Unraveling the molecular pathophysiology of myelodysplastic syndromes

Abstract

Somatically acquired genetic abnormalities lead to the salient features that define myelodysplastic syndromes (MDS): clonal hematopoiesis, aberrant differentiation, peripheral cytopenias, and risk of progression to acute myeloid leukemia. Although specific karyotypic abnormalities have been linked to MDS for decades, more recent findings have demonstrated the importance of mutations within individual genes, focal alterations that are not apparent by standard cytogenetics, and aberrant epigenetic regulation of gene expression. The spectrum of genetic abnormalities in MDS implicates a wide range of molecular mechanisms in the pathogenesis of these disorders, including activation of tyrosine kinase signaling, genomic instability, impaired differentiation, altered ribosome function, and changes in the bone marrow microenvironment. Specific alterations present in individual patients with MDS may explain much of the heterogeneity in clinical phenotype associated with this disease and can predict prognosis and response to therapy. Elucidation of the full complement of genetic causes of MDS promises profound insight into the biology of the disease, improved classification and prognostic scoring schemes, and the potential for novel targeted therapies with molecular predictors of response.

Fig 1.

Targets of point mutations and deletions in myelodysplastic syndromes. Mutations in multiple pathways have been implicated in the pathogenesis of myelodysplastic syndromes.
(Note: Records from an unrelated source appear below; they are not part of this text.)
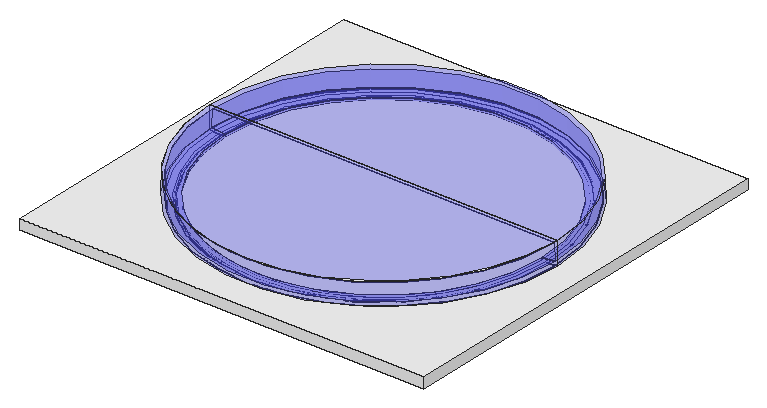
Revit family "BE_50529_de_DE", category Leuchten, Revit 2020
Family settings
  Basisbauteil = Fläche
  Bemaßung runder Anschluss = Durchmesser verwenden
  Teiletyp = Normal
  Beim Laden mit Abzugskörper schneiden = Ja
  Lichtquelle = Ja
  Gemeinsam genutzt = Nein
  Raumberechnungspunkt = Ja
Parameters (values of type "BEGA_50529_K4")
  built-in parameter 1150104 = 12.793 (stored number, unit not read)
  Wattage = 28.1 W
  Default Elevation = 0 mm
  built-in parameter 1150113 = 1 (stored number, unit not read)
  built-in parameter 1114218 = 1 (stored number, unit not read)
  Umgebungstemperatur = "25 °C"
  URL = "https://www.bega.com/de/produkt/50529"
  Typenkommentare = "© 2022 BEGA. Wir behalten uns das Recht vor, technische Änderungen ohne vorherige Ankündigung vorzunehmen."  # constant formula
  built-in parameter 1150134 = 12
  built-in parameter 1150109 = 1 (stored number, unit not read)
  Strom = "0,7 A"
  built-in parameter 1150110 = 1 (stored number, unit not read)
  Spannung = 0 V
  Sonderanfertigung = no
  Seriennummer [instance] = "Hier können Sie die eindeutige Seriennummer für das Facility Management eintragen."
  Schutzklasse = "III"
  Schutzart = "IP 20"
  Scheinlast = 0 VA
  Produktdatenblatt = "https://cdn.bega.com/bega/products/50529K3/current/documents/data-sheets/de"
  Oberflächentemperatur = ""
  Netzteil_DALI_steuerbar = no
  Neigungswinkel = 0.00°
  Modell = "50529K4"
  Material_34 = BEGA_Oberfläche_Samtweiss_matt
  Material_17 = BEGA_Reflektor
  Material_15 = BEGA_Leuchtmedium_matt
  Material_11 = BEGA_Glas_opal
  Material_09 = BEGA_Glas_klar
  Material_06 = BEGA_Oberfläche_Edelstahl_gebürstet
  Material_03 = BEGA_Oberfläche_Weiss_matt
  Material_02 = BEGA_Oberfläche_Silber_matt
  Material_01 [instance] = BEGA_Oberfläche_Grafit_matt
  M_W = yes
  M_G = yes
  M_A = yes
  Logo = 0
  built-in parameter 1114217 = 1 (stored number, unit not read)
  built-in parameter 1150139 = (empty or 0)
  built-in parameter 1150105 = 1154.6 (stored number, unit not read)
  built-in parameter 1150114 = 1 (stored number, unit not read)
  Lumens = 3869.37 lm
  built-in parameter 1150115 = 1 (stored number, unit not read)
  Leuchtenlichtstrom = "2196 lm"
  Leuchtenanzahl = ""
  Lebensdauerkriterien = "L70B50 @ 25 °C = 200000 h"
  Lastklassifizierung = Beleuchtung
  built-in parameter 1150112 = 1 (stored number, unit not read)
  Lampenlichtstrom = "3870 lm"
  Lampe = "LED 28.1 W"
  LED_Modulbezeichnung = "LED-0832/940"
  Hersteller = "BEGA"  # constant formula
  Halbstreuwinkel = ""
  Gewicht = "3.15 kg"
  Gebrauchslageneinschränkung [instance] = ""
  Frequenz = ""
  Farbwiedergabeindex = "CRI > 90"
  Farbtemperaturverschiebung bei Dämpfen der Lampe = <Keine Auswahl>
  Farbtemperatur = "4000 K"
  Color Filter = 16777215
  built-in parameter 1150133 = 10 (stored number, unit not read)
  Energieeffizienzklasse = "LED A++ - A"
  Einstecktiefe = ""
  built-in parameter 1150137 = (empty or 0)
  built-in parameter 1150132 = (empty or 0)
  Einbauöffnung = "325 mm"
  Einbautiefe = "65 mm"
  Einbaugehäuse = no
  Einbau_in_Wärmedämmung = ""
  ENEC = ""
  Datei für fotometrisches Netz = "BE_50529K4.IES"
  CE_Konformität = "ja"
  Bestellnummer_Netzteil_DALI_steuerbar = if(Netzteil_DALI_steuerbar, "13174", "---")  # "---"
  Bestellnummer_Einbaugehäuse = if(Einbaugehäuse, "13029", "---")  # "---"
  Bestellnummer = "50529K4"
  Beschreibung_Sonderanfertigung = "Hier können Sie Informationen zur Sonderanfertigung eintragen."
  Beschreibung = "Einbauleuchte"
  built-in parameter 1150106 = 11.546 (stored number, unit not read)
  Befestigungsabstand = "50 mm"
  BEGA_Intern_aus = yes
  BEGA_Intern_an = yes
  BEGA_Intern_Konstruktion = yes
  BEGA_Intern = yes
  BEGA_IES = yes
  BEGA_Dummy = no
  Anschlussleistung [instance] = "32 W"
  Anschlusskasten = ""
  built-in parameter 1150107 = 4000 (stored number, unit not read)
  built-in parameter 1150102 = (empty or 0)
  built-in parameter 1150138 = (empty or 0)
  Aktualisierung = "2022-05-19T04:00:07"
  AC/DC = ""
Types (2, lengths in mm): name | built-in parameter 1150104 | built-in parameter 1150134 | Modell | built-in parameter 1150105 | Lumens | Leuchtenlichtstrom | Lampenlichtstrom | LED_Modulbezeichnung | Farbtemperatur | Datei für fotometrisches Netz | Bestellnummer | built-in parameter 1150106 | built-in parameter 1150107
  BEGA_50529_K3 | 12.347 (stored number, unit not read) | (empty or 0) | "50529K3" | 297.18 (stored number, unit not read) | 3734.49 lm | "2120 lm" | "3735 lm" | "LED-0832/930" | "3000 K" | "BE_50529K3.IES" | "50529K3" | 2.9718 (stored number, unit not read) | 3000 (stored number, unit not read)
  BEGA_50529_K4 | 12.793 (stored number, unit not read) | 12 | "50529K4" | 1154.6 (stored number, unit not read) | 3869.37 lm | "2196 lm" | "3870 lm" | "LED-0832/940" | "4000 K" | "BE_50529K4.IES" | "50529K4" | 11.546 (stored number, unit not read) | 4000 (stored number, unit not read)
Reference planes
  plane 1 "Mitte (Vorne/Hinten)": y = 0
  plane 2: z = 0
  plane 3 "Mitte (Links/Rechts)": x = 0
  plane 4 "Links": x = -172.5
  plane 5 "Rechts": x = 172.5
  plane 6 "Unten": y = -172.5
  plane 7 "Oben": y = 172.5
  plane 8 "Vorne": z = 22.975
  plane 9 "Hinten": z = -48
Forms (mm)
  Extrusion 1, solid, material "BEGA_Platte_Weiss"
    sketch origin (0, -1119.2, 0) x (1, 0, 0) y (0, 1, 0)
      loop
        line (-200, 1319.2) -> (-200, 919.2) -> (200, 919.2) -> (200, 1319.2) -> (-200, 1319.2)
    from 0 to -10
  Extrusion 2, solid, material "BEGA_Dummy_matt", visible <- "BEGA_Dummy"
    sketch origin (77.149, -76.023, 0) x (1, 0, 0) y (0, 1, 0)
      loop
        circle (-77.149, 76.023) r 172.5
    from 0 to 22.975
Dimensions and locks
  plane 1 "Mitte (Vorne/Hinten)" to Extrusion 1 = 200 mm
  aligned and locked: plane 2 to Extrusion 1
  aligned and locked: level to Extrusion 1
Nested families
  nested 1: "BE_50529_de_DE_Vorlage" at (0, 0, 0), type "BE_50529_de_DE_Vorlage"
Connectors
  electrical at (0, 0, 0), driven by "Lastklassifizierung", driven by "Spannung", driven by "Scheinlast"
    settings: index 1, voltage 0 V, apparent load 0 VA, apparent load phase1 0 VA, apparent load phase2 0 VA, apparent load phase3 0 VA, power factor 1, load classification "Beleuchtung", number of poles 1, system type 31, power factor state 1, is connector primary yes, connector utility no, sub classification motor no, connector description ""
Definition of nested family "BE_50529_de_DE_Vorlage"
  Parameters (values of type "BE_50529_de_DE_Vorlage")
    Default Elevation = 1 mm
    URL = "http://www.bega.de/de/produkt"
    Type Comments = "© 2015 BEGA. Wir behalten uns das Recht vor, technische Änderungen ohne vorherige Ankündigung vorzunehmen. "  # constant formula
    Type Image = (empty or 0)
    Neigungswinkel_um_Z2 = 0.00°
    Neigungswinkel_um_Z1 = 0.00°
    Neigungswinkel_um_Y2 = 0.00°
    Neigungswinkel_um_Y1 = 0.00°
    Neigungswinkel_um_X2 = 0.00°
    Neigungswinkel_um_X1 = 0.00°
    Material_34 = none
    Material_17 = none
    Material_15 = none
    Material_11 = none
    Material_09 = none
    Material_06 = none
    Material_05 = none
    Material_02 = none
    Material_01 = none
    M_W = yes
    M_G = yes
    M_A = yes
    Länge_Platte = 200 mm  # constant formula
    Höhe_Platte = -10 mm  # constant formula
    Manufacturer = "BEGA"  # constant formula
    Drehwinkel_um_Z2 = 0.00°
    Drehwinkel_um_Z1 = 0.00°
    Breite_Platte = 200 mm  # constant formula
  Reference planes
    plane 1 "Mitte (Oben/Unten)": y = 0
    plane 2: z = 0
    plane 3 "Mitte (Links/Rechts)": x = 0
    plane 4 "Vorne": z = 22.975
    plane 5 "Hinten": z = -48
    plane 6: x = -172.5
    plane 7: x = 172.5
    plane 8: y = -172.5
    plane 9: y = 172.5
  Forms (mm)
    Extrusion 1, solid, detail levels medium
      sketch origin (0, 0, 0) x (1, 0, 0) y (0, 1, 0)
        loop
          line (-100, 100) -> (-100, -100) -> (100, -100) -> (100, 100) -> (-100, 100)
      from 0 to -10 <- "Höhe_Platte"
    Revolve 2, solid, material <- "Material_34"
      sketch origin (0, 0, 0) x (1, 0, 0) y (0, 0, 1)
        loop
          line (-169, 0) -> (-169, -2) -> (-162, -2) -> (-162, -13)
          arc (-162, -13) -> (-161.121, -15.121) -> (-159, -16) r 3
          line (-159, -16) -> (-143.637, -16) -> (-142.574, -46.446) -> (-141.02, -48) -> (0, -48) -> (0, -44) -> (-140.522, -44) -> (-141.703, -15.933) -> (-144.636, -13) -> (-160, -13) -> (-160, -3)
          arc (-160, -3) -> (-160.879, -0.879) -> (-163, 0) r 3
          line (-163, 0) -> (-169, 0)
        axis (0, 0) -> (0, -48)
      angle from 0 to 360
    Revolve 3, solid, material <- "Material_11"
      sketch origin (0, 0, 0) x (1, 0, 0) y (0, 0, 1)
        loop
          line (0, 22.975) -> (-171.72, 22.975) -> (-172.5, 0.643) -> (-159.75, -0.025) -> (-159.75, -2.122) -> (-143.75, -11.927) -> (-141.882, -12.025)
          arc (-141.882, -12.025) -> (-139.86, -13.578) -> (-140.586, -16.022) r 2.25
          arc (-140.586, -16.022) -> (-140.733, -17.236) -> (-139.927, -18.156) r 1.5
          line (-139.927, -18.156) -> (-136.75, -19.638) -> (-136.75, -39.025) -> (-132.66, -39.025) -> (-132.66, -18.153) -> (-136.174, -16) -> (-136.174, -8.992) -> (-142.79, -8.645) -> (-156.082, -0.499) -> (-156.082, 2.106) -> (-169.853, 3.311) -> (-169.256, 20.404) -> (0, 20.404) -> (0, 22.975)
        axis (0, 22.975) -> (0, -39.025)
      angle from 0 to 360
    Extrusion 4, void
      sketch origin (0, 0, 0) x (1, 0, 0) y (0, 1, 0)
        loop
          circle (4, 151.7) r 4
        loop
          circle (-5.5, 151.5) r 1.6
        loop
          circle (-133.376, -72.386) r 4
        loop
          circle (-128.453, -80.513) r 1.6
        loop
          arc (-4.25, -120.969) -> (-10, -117.5) -> (-15.75, -120.969) r 6.5
          line (-15.75, -120.969) -> (-15.75, -127.031)
          arc (-15.75, -127.031) -> (-10, -130.5) -> (-4.25, -127.031) r 6.5
          line (-4.25, -127.031) -> (-4.25, -120.969)
        loop
          line (4.25, -120.969) -> (4.25, -127.031)
          arc (4.25, -127.031) -> (10, -130.5) -> (15.75, -127.031) r 6.5
          line (15.75, -127.031) -> (15.75, -120.969)
          arc (15.75, -120.969) -> (10, -117.5) -> (4.25, -120.969) r 6.5
        loop
          circle (129.376, -79.314) r 4
        loop
          circle (133.953, -70.987) r 1.6
      from -75.309 to -11.927
  Cuts and joins
    Extrusion 4 cuts Revolve 3
    Extrusion 4 cuts Revolve 2
  Dimensions and locks
    equal spacing: Extrusion 1 sketch curve, plane 3 "Mitte (Links/Rechts)", Extrusion 1 sketch curve
    equal spacing: Extrusion 1 sketch curve, plane 1 "Mitte (Oben/Unten)", Extrusion 1 sketch curve
    "Länge_Platte": Extrusion 1 sketch curve to Extrusion 1 sketch curve
    "Breite_Platte": Extrusion 1 sketch curve to Extrusion 1 sketch curve
    aligned and locked: plane 2 to Extrusion 1
    aligned and locked: level to Extrusion 1
  Automatic sketch dimensions
    Revolve 2 sketch curve to level = 0 mm  (x2)
    Revolve 2 sketch curve to level = 2 mm
    Revolve 2 sketch curve to level = 3 mm
    Revolve 2 sketch curve to Revolve 2 sketch curve = 6 mm
    Revolve 2 sketch curve to Revolve 2 sketch curve = 1 mm  (x3)
    Revolve 2 sketch curve to Revolve 2 sketch curve = 10 mm
    Revolve 2 sketch curve to Revolve 2 sketch curve = 2 mm
    Revolve 2 sketch curve to Revolve 2 sketch curve = 0 mm  (x8)
    Revolve 2 sketch curve to Revolve 2 sketch curve = 14.364 mm
    Revolve 2 sketch curve to Revolve 2 sketch curve = 0.999 mm
    Revolve 2 sketch curve to Revolve 2 sketch curve = 1.063 mm
    Revolve 2 sketch curve to Revolve 2 sketch curve = 1.554 mm  (x2)
    Revolve 2 sketch curve to level = 15.933 mm
    Revolve 2 sketch curve to Revolve 2 sketch curve = 1.934 mm
    Revolve 2 sketch curve to Revolve 2 sketch curve = 2.052 mm
    Revolve 2 sketch curve to Revolve 2 sketch curve = 3 mm
    Revolve 2 sketch curve to Revolve 2 sketch curve = 28 mm
    Revolve 2 sketch curve to plane 3 "Mitte (Links/Rechts)" = 0 mm  (x2)
    Revolve 2 sketch curve to Revolve 2 sketch curve = 2.446 mm
    level to Revolve 3 sketch curve = 0.643 mm
    Revolve 3 sketch curve to Revolve 3 sketch curve = 0.78 mm
    level to Revolve 3 sketch curve = 3.311 mm
    Revolve 3 sketch curve to Revolve 3 sketch curve = 2.647 mm
    Revolve 3 sketch curve to level = 0.025 mm
    Revolve 3 sketch curve to Revolve 3 sketch curve = 10.103 mm
    level to Revolve 3 sketch curve = 2.106 mm
    Revolve 3 sketch curve to Revolve 3 sketch curve = 3.668 mm
    Revolve 3 sketch curve to level = 11.927 mm
    Revolve 3 sketch curve to Revolve 3 sketch curve = 12.332 mm
    Revolve 3 sketch curve to level = 8.645 mm
    Revolve 3 sketch curve to Revolve 3 sketch curve = 0.96 mm
    Revolve 3 sketch curve to Revolve 3 sketch curve = 1.75 mm
    Revolve 3 sketch curve to level = 18.156 mm
    Revolve 3 sketch curve to Revolve 3 sketch curve = 2.073 mm
    Revolve 3 sketch curve to Revolve 3 sketch curve = 0.627 mm
    Revolve 3 sketch curve to level = 19.638 mm
    Revolve 3 sketch curve to Revolve 3 sketch curve = 3.177 mm
    Revolve 3 sketch curve to Revolve 3 sketch curve = 6.616 mm
    Revolve 3 sketch curve to Revolve 3 sketch curve = 3.514 mm
    Revolve 3 sketch curve to Revolve 3 sketch curve = 19.387 mm
    Revolve 3 sketch curve to Revolve 3 sketch curve = 1.485 mm
    Revolve 3 sketch curve to Revolve 3 sketch curve = 1.362 mm
    Revolve 3 sketch curve to Revolve 3 sketch curve = 0.794 mm
    Revolve 3 sketch curve to Revolve 3 sketch curve = 2.345 mm
    Revolve 3 sketch curve to Revolve 3 sketch curve = 0.347 mm
    Revolve 3 sketch curve to Revolve 3 sketch curve = 2.097 mm
    Revolve 3 sketch curve to level = 0.499 mm
    Revolve 3 sketch curve to Revolve 3 sketch curve = 19.664 mm
    Revolve 3 sketch curve to Revolve 3 sketch curve = 2.464 mm
    Revolve 3 sketch curve to level = 12.025 mm
    Revolve 3 sketch curve to Revolve 3 sketch curve = 1.868 mm
    Revolve 3 sketch curve to Revolve 3 sketch curve = 0 mm
    Revolve 3 sketch curve to Revolve 3 sketch curve = 1.286 mm
    level to Revolve 3 sketch curve = 20.404 mm
    Revolve 3 sketch curve to plane 3 "Mitte (Links/Rechts)" = 0 mm  (x2)
    Extrusion 4 sketch curve to Extrusion 4 sketch curve = 0 mm  (x3)
    Extrusion 4 sketch curve to Extrusion 4 sketch curve = 4.923 mm
    Extrusion 4 sketch curve to plane 3 "Mitte (Links/Rechts)" = 10 mm
    Extrusion 4 sketch curve to plane 3 "Mitte (Links/Rechts)" = 5.5 mm
    Extrusion 4 sketch curve to plane 3 "Mitte (Links/Rechts)" = 4.25 mm
    plane 3 "Mitte (Links/Rechts)" to Extrusion 4 sketch curve = 4 mm
    Extrusion 4 sketch curve to Extrusion 4 sketch curve = 3.031 mm  (x3)
    Extrusion 4 sketch curve to Extrusion 4 sketch curve = 6.062 mm  (x3)
    plane 1 "Mitte (Oben/Unten)" to Extrusion 4 sketch curve = 80.513 mm
    Extrusion 4 sketch curve to Extrusion 4 sketch curve = 8.127 mm
    Extrusion 4 sketch curve to Extrusion 4 sketch curve = 0.2 mm
    Extrusion 4 sketch curve to Extrusion 4 sketch curve = 5.75 mm  (x3)
    plane 3 "Mitte (Links/Rechts)" to Extrusion 4 sketch curve = 4.25 mm
    Revolve 2 sketch curve to plane 5 "Hinten" = 174.158 mm
    plane 4 "Vorne" to Revolve 2 sketch curve = 385.457 mm
    Revolve 2 sketch curve to plane 3 "Mitte (Links/Rechts)" = 140.522 mm
    Revolve 3 sketch curve to plane 3 "Mitte (Links/Rechts)" = 132.66 mm
    Revolve 3 sketch curve to plane 5 "Hinten" = 174.158 mm
    Revolve 3 sketch curve to Revolve 3 sketch curve = 385.457 mm
    Extrusion 4 sketch curve to Extrusion 4 sketch curve = 112.703 mm
    Extrusion 4 sketch curve to Extrusion 4 sketch curve = 113.626 mm
    Extrusion 4 sketch curve to Extrusion 4 sketch curve = 4.577 mm
    plane 1 "Mitte (Oben/Unten)" to Extrusion 4 sketch curve = 79.314 mm
    Extrusion 4 sketch curve to Extrusion 4 sketch curve = 8.327 mm
    Extrusion 4 sketch curve to plane 8 = 51.531 mm
    plane 9 to Extrusion 4 sketch curve = 21 mm
    radius of Extrusion 4 sketch curve = 4 mm  (x3)
    radius of Extrusion 4 sketch curve = 1.6 mm  (x3)

Features shown in red are targets of activating mutations, whereas mutations or deletions of features in blue result in a loss of function. Mutations that impair function may also cause a gain of function as is believed to be the case for a subset of mutations in CBL, ASXL1, NPM1c, IDH1/ IDH2, TP53, and RUNX1.

Fig 2.

Various pathways to transformation. The defining feature of myelodysplastic syndromes is clonal and inefficient hematopoiesis that causes peripheral cytopenias. A heterogeneous set of genetic and epigenetic abnormalities drive the cellular events that give rise to clinical phenotypes. Individual lesions may be responsible for one transformative step alone (eg, enhanced self-renewal or altered apoptosis) and therefore be clinically silent in isolation, or they could result in several abnormalities (eg, acquired self-renewal and impaired differentiation). Cooperation between two or more lesions is likely needed for the full expression of disease.